Ulster firefighters welcomed in Blitzed London

National Archives (then Public Record Office) staff play cricket outside Chancery Lane offices in London during the Blitz. Reference: PRO 50/59. Picture: The National Archives UK
National Archives (then Public Record Office) staff play cricket outside Chancery Lane offices in London during the Blitz. Reference: PRO 50/59. Picture: The National Archives UK

The Home Office in London had recently accepted an offer made by the Ulster government to send batches of firemen to do exchange duty in bombed areas in England, reported the News Letter during this week in February 1941.

In accordance with this arrangement, 25 men from Northern Ireland were taking spell of duty with the London brigade, noted the News Letter.
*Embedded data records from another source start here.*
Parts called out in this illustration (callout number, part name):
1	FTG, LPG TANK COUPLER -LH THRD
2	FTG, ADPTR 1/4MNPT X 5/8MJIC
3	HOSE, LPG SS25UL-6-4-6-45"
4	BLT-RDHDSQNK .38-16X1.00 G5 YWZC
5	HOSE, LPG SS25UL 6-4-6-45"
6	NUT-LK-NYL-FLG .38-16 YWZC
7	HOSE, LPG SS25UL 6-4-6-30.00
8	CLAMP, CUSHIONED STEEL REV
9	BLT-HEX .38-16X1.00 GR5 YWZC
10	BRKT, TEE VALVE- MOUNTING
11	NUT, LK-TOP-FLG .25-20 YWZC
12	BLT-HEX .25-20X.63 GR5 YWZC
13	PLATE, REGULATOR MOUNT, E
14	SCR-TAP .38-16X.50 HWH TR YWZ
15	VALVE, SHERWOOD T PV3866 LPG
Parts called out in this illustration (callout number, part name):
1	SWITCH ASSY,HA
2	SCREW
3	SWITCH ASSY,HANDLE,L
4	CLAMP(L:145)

The party, consisting of four regular firemen, seven “whole-time” members at the Auxiliary Service, and 14 part-time workers had arrived in London and had been met at Euston station by Mr W E Norwood, a superintendent at the London Brigade’s headquarters on the Albert Embankment, Station-Officer Teskett, the New Cross Station, and Mr E P Northwood of the Ulster Office in London.

Map of the density of bombing, London region, to October 1941 (HO193/45). Picture: The National Archives UK

The News Letter reported that the men had been been divided into four groups, “in order that they may be employed at a corresponding number sub-stations”.
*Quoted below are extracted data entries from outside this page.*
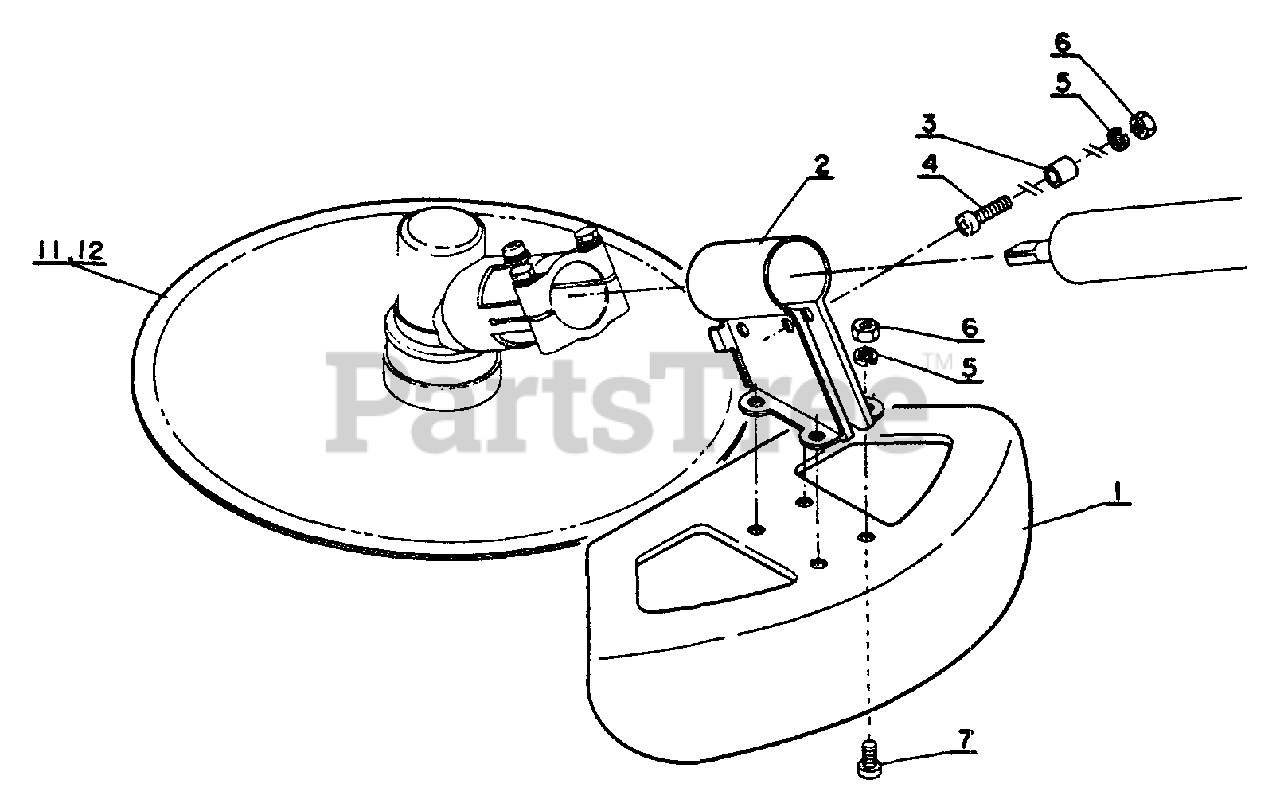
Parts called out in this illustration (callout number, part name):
1	SHIELD, DEBRIS
2	BRACKET, SHIELD
4	SCREW - 5X18
5	LOCKWASHER - 5
7	SCREW - 5X8
11	SAW, CIRCULAR
12	BLADE - 8 TOOTH -- 10" (25cm)
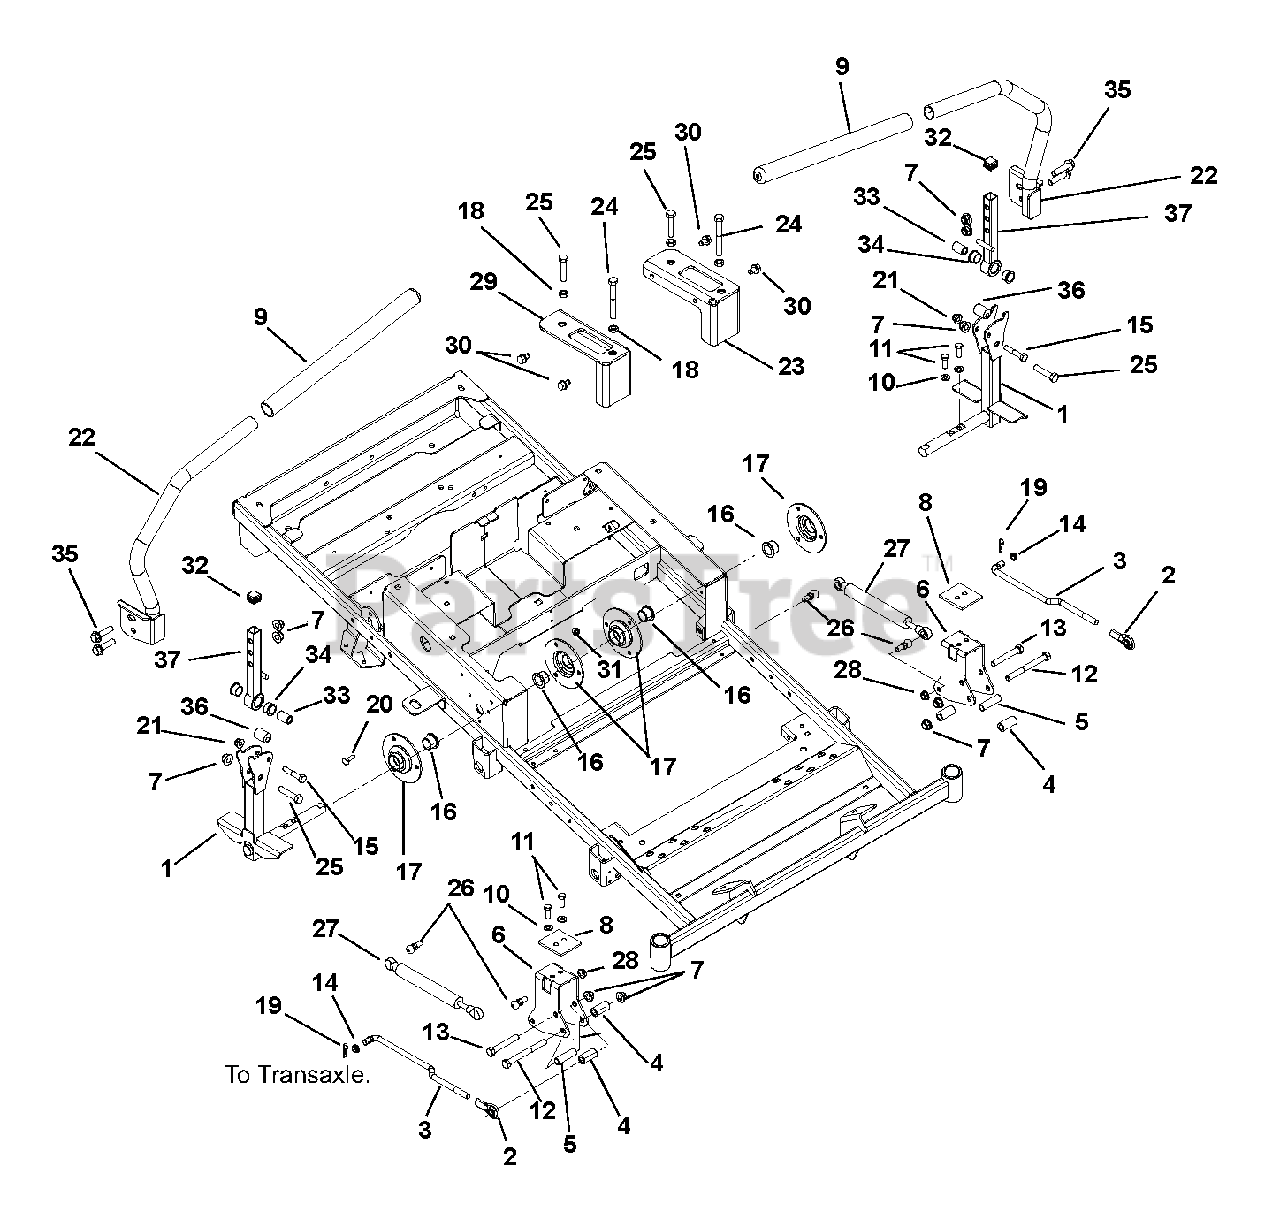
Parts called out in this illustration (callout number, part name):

In welcoming them to London, Superintendent Norwood urged them to gain as much experience as possible, and said he hoped that they would not hesitate to ask questions as a means of getting information.

Eire neutrality opposed by Irish resident in Britain

Eire’s continued neutrality in the Second World War was firmly opposed in February 1941, reported the News Letter’s London correspondent, when a large number of men and women who had been born in southern Ireland were now resident in Britain.

The following resolution was moved by the chairman and seconded by Major O’Neill Power: “That this meeting of Irish men and women living Great Britain wish to proclaim their loyalty to His Majesty King George and the Constitution of the British Empire, of which the South of Ireland is a Dominion part, and their support of the war aims of Britain and her Allies under the leadership of the Prime Minister for the liberation of the world from the tyranny and persecution.”